1. A pump, comprising:

two pistons, each piston having a first side exposed to a support pressure and a second side exposed to a respective one of two annular chambers, the annular chambers being pressurized greater than the support pressure,

wherein the pistons comprise opposing pistons, whereby the first sides of the pistons face each other, and

wherein fluid is discharged from one annular chamber and received into the other annular chamber in response to displacement of the pistons.

2. The pump of claim 1, wherein the support pressure is contained in a fluid chamber positioned between the pistons.

3. The pump of claim 1, wherein the annular chambers are connected to a fluid property sensor.

4. The pump of claim 1, wherein a fluid test sample flows through a test manifold in response to a force being applied to at least one of the pistons.

5. The pump of claim 1, wherein pressure in the annular chambers increases in response to an increase in the support pressure.

6. The pump of claim 1, wherein the annular chambers are in fluid communication with each other.

7. The pump of claim 1, wherein reciprocation of the pistons transfers fluid back and forth between the annular chambers.

8. The pump of claim 1, wherein displacement of the pistons pumps a fluid test sample through a test manifold.

9. The pump of claim 1, further comprising at least one actuator which displaces the pistons.

10. A method of testing a fluid, the method comprising:

pressurizing the fluid in response to increasing a support pressure exposed to a first side of each of two pistons, thereby increasing pressure in two annular chambers exposed to respective second sides of the pistons; and

then displacing the pistons, thereby flowing the fluid through a test manifold assembly.

11. The method of claim 10, wherein the test manifold assembly comprises at least one fluid property sensor.

12. The method of claim 10, wherein displacing the pistons further comprises reciprocating the pistons, thereby flowing the fluid back and forth through the test manifold assembly.

13. The method of claim 10, wherein pressure in the annular chambers increases at a greater rate than the support pressure increases.

14. The method of claim 10, further comprising heating the fluid.

15. The method of claim 10, wherein pressurizing further comprises increasing a volume of a chamber positioned between the pistons.

16. The method of claim 10, wherein pressurizing further comprises reducing volumes of the annular chambers.

17. The method of claim 10, wherein the annular chambers are in fluid communication with each other during the displacing.

18. The method of claim 10, wherein displacing further comprises reciprocating the pistons, thereby transferring the fluid back and forth between the annular chambers.

19. The method of claim 10, wherein the fluid comprises a formation fluid sample.

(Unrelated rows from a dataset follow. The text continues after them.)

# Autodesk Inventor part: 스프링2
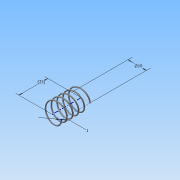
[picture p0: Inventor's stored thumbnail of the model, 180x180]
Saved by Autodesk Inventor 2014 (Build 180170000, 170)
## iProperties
Created: 2015-06
Part Number: 스프링2
Material: Generic
Document SubType Name: Modeling
Designer: Administrator
Density: 1 g/cm^3
Appearance: Default
Author: Administrator
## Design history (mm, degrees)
sketch "스케치1"
  geometry: L1 (0, 0)-(8, 0); L2 (8, 0)-(8, 14.5); L3 (8, 14.5)-(0, 14.5); L4 (0, 14.5)-(0, 0); C1 r 0.5 at (8, 0)
  constraints: 8 end point, 2 parallel, 1 centre point, 1 coincident, 1 horizontal, 1 perpendicular
  dimensions: "d0" = 14.5 distance of L3.end L1.start (derived); "d1" = 16 diameter of L2 L4; "d2" = 1 diameter of C1
feature "코일1" sketch "스케치1" pitch "d3" = 10; turns "d5" = 5; dims "d4" = 14.5 (= d0), "d6" = 0, angle "d7" = 90 deg, angle "d8" = 90 deg, "d9" = 0, "d10" = 0
sketch "스케치2"
  geometry: L1 (-8.5, 0)-(-7.5, 0) reference; 1 further point
  constraints: 1 horizontal alignment
extrude "돌출1" cut sketch "스케치2" stored distance "d11" = 10; taper "d12" = 0 deg
node "작업 평면1"
sketch "스케치3"
  geometry: L1 (-7.5, 0)-(-8.5, 0) reference; 1 further point
  constraints: 1 horizontal alignment
extrude "돌출2" cut sketch "스케치3" stored distance "d14" = 10; taper "d15" = 0 deg
node "솔리드1"
node "절단 모서리 투영1"
node "절단 모서리 투영2"
other parameters: "d13" = 14.5 (= d0)
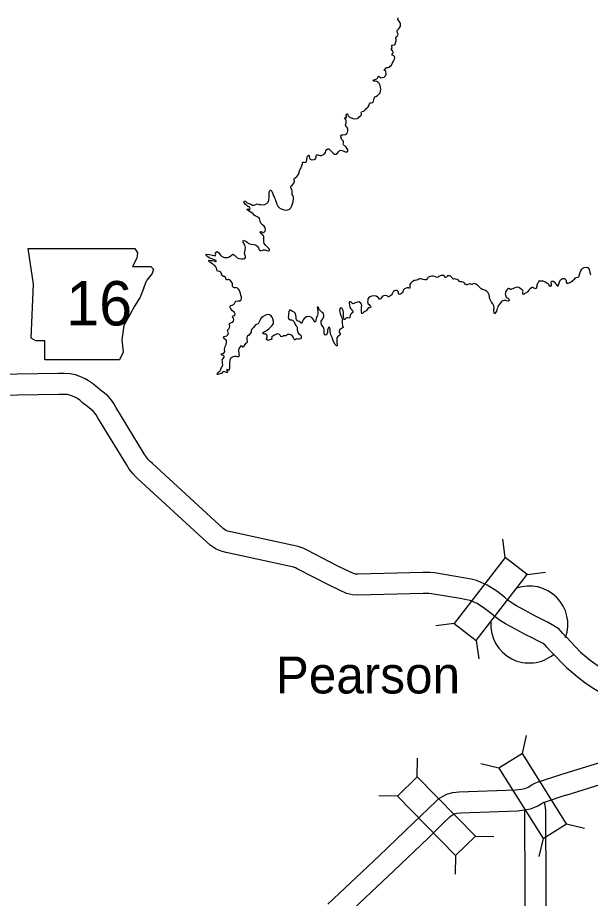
# Model space of a CAD drawing. Extents: x 1212896 to 1368412, y 378476 to 478763.
# Drawn here: x 1222342 to 1230517, y 456675 to 469257 of the extents above; entities that cross this region are included whole.
import ezdxf

# ---------------------------------------------------------------- set-up
doc = ezdxf.new("R2010")
doc.units = 0
for name, color, linetype in [('Level 10', 7, 'Continuous'), ('Level 11', 7, 'Continuous'), ('Level 20', 7, 'Continuous'), ('Level 21', 7, 'Continuous'), ('Level 24', 7, 'Continuous'), ('Level 9', 7, 'Continuous')]:
    doc.layers.add(name, color=color, linetype=linetype)

msp = doc.modelspace()

# ---------------------------------------------------------------- linework, layer by layer
at = {"layer": 'Level 10'}
for points in [[(1230177, 460402), (1230121, 460464), (1230070, 460522), (1229997, 460570), (1229905, 460621), (1229818, 460664), (1229743, 460702), (1229662, 460744), (1229594, 460784), (1229517, 460825), (1229455, 460858), (1229399, 460892), (1229343, 460931), (1229289, 460978), (1229181, 461061), (1229043, 461151), (1228959, 461189), (1228891, 461215), (1228814, 461234), (1228708, 461254), (1228292, 461324), (1228227, 461331), (1228125, 461331), (1227199, 461307), (1227164, 461308), (1227136, 461315), (1227065, 461349), (1226914, 461422), (1226467, 461653), (1226419, 461676), (1226345, 461701), (1226256, 461720), (1225385, 461911), (1225335, 461922), (1225314, 461930), (1225275, 461957), (1224265, 462885), (1224234, 462915), (1224209, 462941), (1224181, 462976), (1224150, 463027), (1223744, 463694), (1223713, 463745), (1223680, 463792), (1223632, 463848), (1223583, 463890), (1223527, 463936), (1223458, 463990), (1223412, 464028), (1223355, 464068), (1223304, 464097), (1223230, 464130), (1223169, 464153), (1223093, 464170), (1223005, 464175), (1222923, 464173), (1222034, 464157)], [(1229954, 460201), (1229897, 460264), (1229871, 460294), (1229841, 460314), (1229767, 460355), (1229684, 460395), (1229606, 460435), (1229516, 460481), (1229448, 460522), (1229375, 460560), (1229307, 460598), (1229236, 460639), (1229157, 460695), (1229099, 460746), (1229007, 460816), (1228899, 460887), (1228843, 460912), (1228800, 460929), (1228751, 460941), (1228656, 460959), (1228251, 461026), (1228210, 461031), (1228128, 461031), (1227196, 461007), (1227121, 461010), (1227036, 461031), (1226936, 461078), (1226779, 461154), (1226334, 461384), (1226306, 461398), (1226265, 461412), (1226193, 461427), (1225320, 461618), (1225249, 461634), (1225175, 461662), (1225088, 461721), (1224058, 462668), (1224022, 462703), (1223984, 462742), (1223934, 462804), (1223894, 462871), (1223487, 463539), (1223462, 463580), (1223443, 463607), (1223419, 463635), (1223390, 463660), (1223338, 463703), (1223270, 463756), (1223229, 463790), (1223196, 463814), (1223170, 463828), (1223116, 463852), (1223083, 463865), (1223052, 463872), (1222999, 463875), (1222929, 463873), (1222039, 463857)], [(1230174, 460405), (1230378, 460193), (1230459, 460126), (1230515, 460079), (1230616, 460004), (1230707, 459938), (1230797, 459886), (1230897, 459843), (1231025, 459779), (1231141, 459711), (1231266, 459645), (1231375, 459586), (1231466, 459539), (1231569, 459483), (1231661, 459428), (1231764, 459349), (1231860, 459264), (1231950, 459186), (1232081, 459074), (1232109, 459050)], [(1229958, 460197), (1230174, 459973), (1230266, 459896), (1230328, 459843), (1230439, 459761), (1230544, 459686), (1230662, 459618), (1230770, 459571), (1230882, 459515), (1230995, 459449), (1231124, 459380), (1231235, 459321), (1231326, 459274), (1231421, 459222), (1231492, 459180), (1231572, 459118), (1231663, 459038), (1231708, 458999)], [(1230081, 458438), (1231146, 458769)], [(1230170, 458151), (1231233, 458482)], [(1226770, 456592), (1227504, 457284), (1227991, 457753), (1228204, 457959), (1228311, 458061), (1228352, 458100), (1228406, 458132), (1228468, 458162), (1228549, 458185), (1228646, 458197), (1229450, 458226), (1229529, 458237), (1229582, 458246), (1229629, 458264), (1229631, 458265), (1229679, 458295), (1229722, 458321), (1229777, 458341), (1230080, 458438)], [(1226974, 456372), (1227711, 457067), (1228200, 457537), (1228411, 457743), (1228517, 457843), (1228535, 457860), (1228549, 457869), (1228575, 457881), (1228609, 457891), (1228670, 457898), (1229475, 457927), (1229574, 457941), (1229660, 457955), (1229749, 457988), (1229777, 458002), (1229836, 458039), (1229852, 458048), (1229874, 458056), (1230171, 458152)]]:
    msp.add_lwpolyline(points, dxfattribs=at)
at = {"layer": 'Level 11'}
for points in [[(1229968, 448537), (1229928, 451506), (1229914, 454127), (1229888, 456791), (1229882, 457934), (1229873, 458001), (1229863, 458053)], [(1229668, 448533), (1229628, 451503), (1229614, 454125), (1229588, 456789), (1229582, 457913), (1229578, 457942)]]:
    msp.add_lwpolyline(points, dxfattribs=at)
at = {"layer": 'Level 20'}
for p, q in [((1229299, 461542), (1229265, 461804)), ((1229299, 461542), (1228575, 460600)), ((1229613, 461300), (1229299, 461542)), ((1228889, 460359), (1229613, 461300)), ((1229613, 461300), (1229875, 461335)), ((1228575, 460600), (1228313, 460566)), ((1228575, 460600), (1228889, 460359)), ((1228889, 460359), (1228923, 460097)), ((1229546, 458746), (1229605, 459003)), ((1229546, 458746), (1229210, 458536)), ((1230176, 457739), (1229546, 458746)), ((1228046, 458413), (1228050, 458677)), ((1229210, 458536), (1228953, 458595)), ((1229210, 458536), (1229841, 457529)), ((1228046, 458413), (1227763, 458137)), ((1228875, 457562), (1228046, 458413)), ((1227763, 458137), (1227499, 458141)), ((1227763, 458137), (1228591, 457286)), ((1229841, 457529), (1230176, 457739)), ((1230176, 457739), (1230434, 457680)), ((1228591, 457286), (1228875, 457562)), ((1228875, 457562), (1229139, 457558)), ((1229841, 457529), (1229781, 457272)), ((1228591, 457286), (1228587, 457022))]:
    msp.add_line(p, q, dxfattribs=at)
at = {"layer": 'Level 21'}
for p, q in [((1222570, 465449), (1222494, 465957)), ((1222494, 465957), (1224016, 465956)), ((1224016, 465956), (1224051, 465898)), ((1224017, 465957), (1224017, 465957)), ((1224042, 465821), (1223983, 465703)), ((1224051, 465898), (1224042, 465821)), ((1223983, 465703), (1224245, 465703)), ((1224245, 465703), (1224279, 465661)), ((1224279, 465661), (1224262, 465601)), ((1224262, 465601), (1224186, 465508)), ((1222537, 464679), (1222570, 465449)), ((1224144, 465398), (1224186, 465508)), ((1224144, 465398), (1224093, 465263)), ((1224093, 465263), (1224008, 465136)), ((1224008, 465136), (1223949, 465018)), ((1223949, 465018), (1223856, 464857)), ((1223856, 464857), (1223831, 464654)), ((1222604, 464637), (1222537, 464679)), ((1223831, 464654), (1223848, 464476)), ((1222731, 464637), (1222604, 464637)), ((1222731, 464366), (1222731, 464637)), ((1223848, 464476), (1223797, 464366)), ((1223797, 464366), (1222731, 464366))]:
    msp.add_line(p, q, dxfattribs=at)
at = {"layer": 'Level 24'}
for start, end in [(340.5297, 109.4703), (176.7295, 309.1736)]:
    msp.add_arc((1229645, 460587), 550, start, end, dxfattribs=at)
at = {"layer": 'Level 9'}
for points in [[(1227426, 468348), (1227416, 468356), (1227423, 468367), (1227438, 468371), (1227456, 468375), (1227470, 468381), (1227480, 468391), (1227484, 468402), (1227489, 468414), (1227498, 468419), (1227510, 468407), (1227526, 468396), (1227544, 468399), (1227572, 468408), (1227592, 468426), (1227602, 468448), (1227604, 468464), (1227599, 468480), (1227591, 468494), (1227581, 468501), (1227573, 468508), (1227576, 468515), (1227586, 468522), (1227598, 468534), (1227605, 468542), (1227613, 468545), (1227631, 468543), (1227648, 468550), (1227659, 468562), (1227676, 468579), (1227693, 468610), (1227709, 468636), (1227720, 468663), (1227724, 468684), (1227719, 468701), (1227711, 468712), (1227694, 468722), (1227685, 468733), (1227692, 468742), (1227700, 468754), (1227702, 468765), (1227696, 468781), (1227686, 468789), (1227679, 468800), (1227680, 468812), (1227687, 468827), (1227682, 468842), (1227676, 468853), (1227683, 468861), (1227693, 468863), (1227724, 468868), (1227735, 468895), (1227743, 468924), (1227745, 468942), (1227741, 468957), (1227741, 468968), (1227753, 468985), (1227765, 468998), (1227772, 469015), (1227769, 469030), (1227765, 469041), (1227759, 469055), (1227759, 469073), (1227776, 469092), (1227794, 469110), (1227808, 469136), (1227809, 469167), (1227797, 469192), (1227787, 469205), (1227773, 469223), (1227765, 469237), (1227771, 469249), (1227780, 469257)], [(1226939, 467359), (1226950, 467363), (1226969, 467360), (1226989, 467352), (1227016, 467341), (1227032, 467338), (1227045, 467339), (1227055, 467345), (1227056, 467367), (1227042, 467391), (1227029, 467407), (1227011, 467423), (1227003, 467429), (1226993, 467440), (1226990, 467450), (1226992, 467467), (1226992, 467482), (1226986, 467496), (1226977, 467506), (1226966, 467521), (1226962, 467533), (1226959, 467548), (1226953, 467564), (1226954, 467573), (1226958, 467579), (1226964, 467583), (1226984, 467583), (1227020, 467587), (1227041, 467603), (1227050, 467618), (1227056, 467637), (1227057, 467662), (1227047, 467687), (1227036, 467694), (1227024, 467710), (1227023, 467726), (1227030, 467752), (1227033, 467774), (1227032, 467789), (1227025, 467797), (1227013, 467810), (1227009, 467820), (1227012, 467824), (1227027, 467825), (1227036, 467826), (1227038, 467835), (1227033, 467848), (1227031, 467863), (1227039, 467876), (1227044, 467882), (1227049, 467883), (1227052, 467879), (1227054, 467871), (1227061, 467854), (1227075, 467841), (1227093, 467829), (1227127, 467814), (1227155, 467811), (1227188, 467814), (1227207, 467826), (1227222, 467843), (1227234, 467854), (1227245, 467862), (1227248, 467870), (1227249, 467882), (1227247, 467895), (1227249, 467905), (1227260, 467917), (1227278, 467918), (1227290, 467923), (1227302, 467938), (1227310, 467953), (1227324, 467963), (1227347, 467980), (1227356, 467994), (1227358, 468004), (1227360, 468016), (1227362, 468030), (1227372, 468038), (1227390, 468040), (1227411, 468046), (1227422, 468063), (1227428, 468083), (1227432, 468101), (1227435, 468115), (1227441, 468124), (1227456, 468131), (1227477, 468142), (1227491, 468157), (1227515, 468181), (1227523, 468208), (1227525, 468234), (1227523, 468261), (1227516, 468288), (1227502, 468313), (1227490, 468327), (1227481, 468336), (1227467, 468342), (1227447, 468348), (1227440, 468347), (1227426, 468348)], [(1225946, 466787), (1225950, 466790), (1225959, 466791), (1225966, 466780), (1225974, 466763), (1225983, 466741), (1225988, 466726), (1225994, 466713), (1226005, 466695), (1226010, 466683), (1226019, 466664), (1226024, 466642), (1226032, 466618), (1226040, 466593), (1226050, 466573), (1226057, 466563), (1226074, 466545), (1226085, 466534), (1226105, 466525), (1226130, 466516), (1226149, 466511), (1226172, 466508), (1226197, 466511), (1226220, 466519), (1226240, 466537), (1226256, 466566), (1226267, 466598), (1226273, 466630), (1226279, 466664), (1226280, 466689), (1226273, 466710), (1226261, 466730), (1226258, 466741), (1226258, 466755), (1226259, 466770), (1226260, 466784), (1226257, 466801), (1226248, 466815), (1226240, 466826), (1226240, 466841), (1226247, 466852), (1226264, 466869), (1226288, 466894), (1226292, 466919), (1226290, 466935), (1226288, 466953), (1226294, 466963), (1226305, 466970), (1226328, 466987), (1226349, 467016), (1226358, 467043), (1226363, 467069), (1226374, 467091), (1226387, 467112), (1226395, 467130), (1226403, 467152), (1226407, 467170), (1226407, 467180), (1226408, 467185), (1226413, 467190), (1226419, 467191), (1226429, 467191), (1226442, 467188), (1226453, 467190), (1226464, 467202), (1226469, 467223), (1226472, 467242), (1226476, 467260), (1226480, 467275), (1226486, 467284), (1226497, 467290), (1226505, 467285), (1226504, 467272), (1226506, 467254), (1226518, 467234), (1226541, 467225), (1226575, 467228), (1226598, 467244), (1226601, 467270), (1226603, 467285), (1226611, 467295), (1226625, 467294), (1226655, 467288), (1226678, 467287), (1226699, 467294), (1226715, 467304), (1226735, 467332), (1226743, 467353), (1226755, 467374), (1226771, 467384), (1226784, 467382), (1226800, 467368), (1226819, 467350), (1226833, 467335), (1226848, 467317), (1226864, 467307), (1226886, 467306), (1226909, 467320), (1226924, 467339), (1226930, 467349), (1226939, 467359)], [(1225570, 466034), (1225562, 466049), (1225559, 466063), (1225566, 466075), (1225574, 466074), (1225601, 466061), (1225616, 466048), (1225631, 466033), (1225652, 466023), (1225681, 466019), (1225713, 466014), (1225736, 466009), (1225753, 465999), (1225766, 465985), (1225778, 465967), (1225786, 465950), (1225795, 465935), (1225814, 465927), (1225838, 465935), (1225852, 465940), (1225869, 465939), (1225897, 465929), (1225924, 465925), (1225936, 465931), (1225938, 465949), (1225911, 465974), (1225878, 466006), (1225862, 466030), (1225854, 466058), (1225858, 466087), (1225856, 466123), (1225850, 466139), (1225836, 466156), (1225824, 466168), (1225811, 466181), (1225805, 466189), (1225804, 466197), (1225814, 466203), (1225827, 466196), (1225852, 466185), (1225863, 466190), (1225877, 466206), (1225878, 466233), (1225873, 466253), (1225859, 466275), (1225835, 466298), (1225823, 466311), (1225813, 466322), (1225806, 466334), (1225803, 466349), (1225800, 466368), (1225795, 466387), (1225785, 466401), (1225770, 466408), (1225749, 466415), (1225731, 466425), (1225720, 466436), (1225706, 466454), (1225685, 466470), (1225663, 466482), (1225639, 466495), (1225623, 466507), (1225616, 466516), (1225618, 466522), (1225626, 466523), (1225637, 466518), (1225647, 466515), (1225661, 466526), (1225658, 466542), (1225641, 466555), (1225623, 466564), (1225612, 466573), (1225596, 466585), (1225584, 466599), (1225577, 466614), (1225573, 466626), (1225582, 466638), (1225595, 466636), (1225611, 466615), (1225619, 466609), (1225644, 466601), (1225671, 466590), (1225695, 466578), (1225710, 466577), (1225729, 466581), (1225743, 466589), (1225751, 466594), (1225763, 466597), (1225786, 466589), (1225808, 466585), (1225842, 466583), (1225872, 466588), (1225905, 466605), (1225917, 466621), (1225928, 466651), (1225932, 466686), (1225933, 466720), (1225932, 466742), (1225933, 466761), (1225939, 466777), (1225946, 466787)], [(1225524, 465315), (1225508, 465359), (1225495, 465377), (1225480, 465391), (1225469, 465398), (1225458, 465401), (1225446, 465398), (1225438, 465398), (1225422, 465402), (1225411, 465416), (1225410, 465436), (1225410, 465454), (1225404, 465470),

20. A fluid test system, comprising:

a pump having a support pressure exposed to a first side of each of two pistons, and a second side of each of the pistons being exposed to a respective one of two annular chambers,

wherein pressure in the annular chambers increases in response to an increase in the support pressure, and

wherein each annular chamber is connected to at least one fluid property sensor.

21. The fluid test system of claim 20, wherein the pistons comprise opposing pistons, whereby the first sides of the pistons face each other.

22. The fluid test system of claim 20, wherein the support pressure is contained in a fluid chamber between the pistons.

23. The fluid test system of claim 20, wherein the sensor comprises at least one of the group comprising a viscosity sensor, a densitometer, an optical sensor, a pressure sensor, a temperature sensor, a flowmeter, and an acoustic sensor.

24. The fluid test system of claim 20, wherein a fluid test sample is contained in the annular chambers.

25. The fluid test system of claim 20, wherein a fluid test sample flows through a test manifold in response to a force being applied to at least one of the pistons.

26. The fluid test system of claim 20, wherein the annular chambers are in fluid communication with each other.

27. The fluid test system of claim 20, wherein reciprocation of the pistons pumps fluid back and forth between the annular chambers.

28. The fluid test system of claim 20, wherein displacement of the pistons pumps fluid through a test manifold.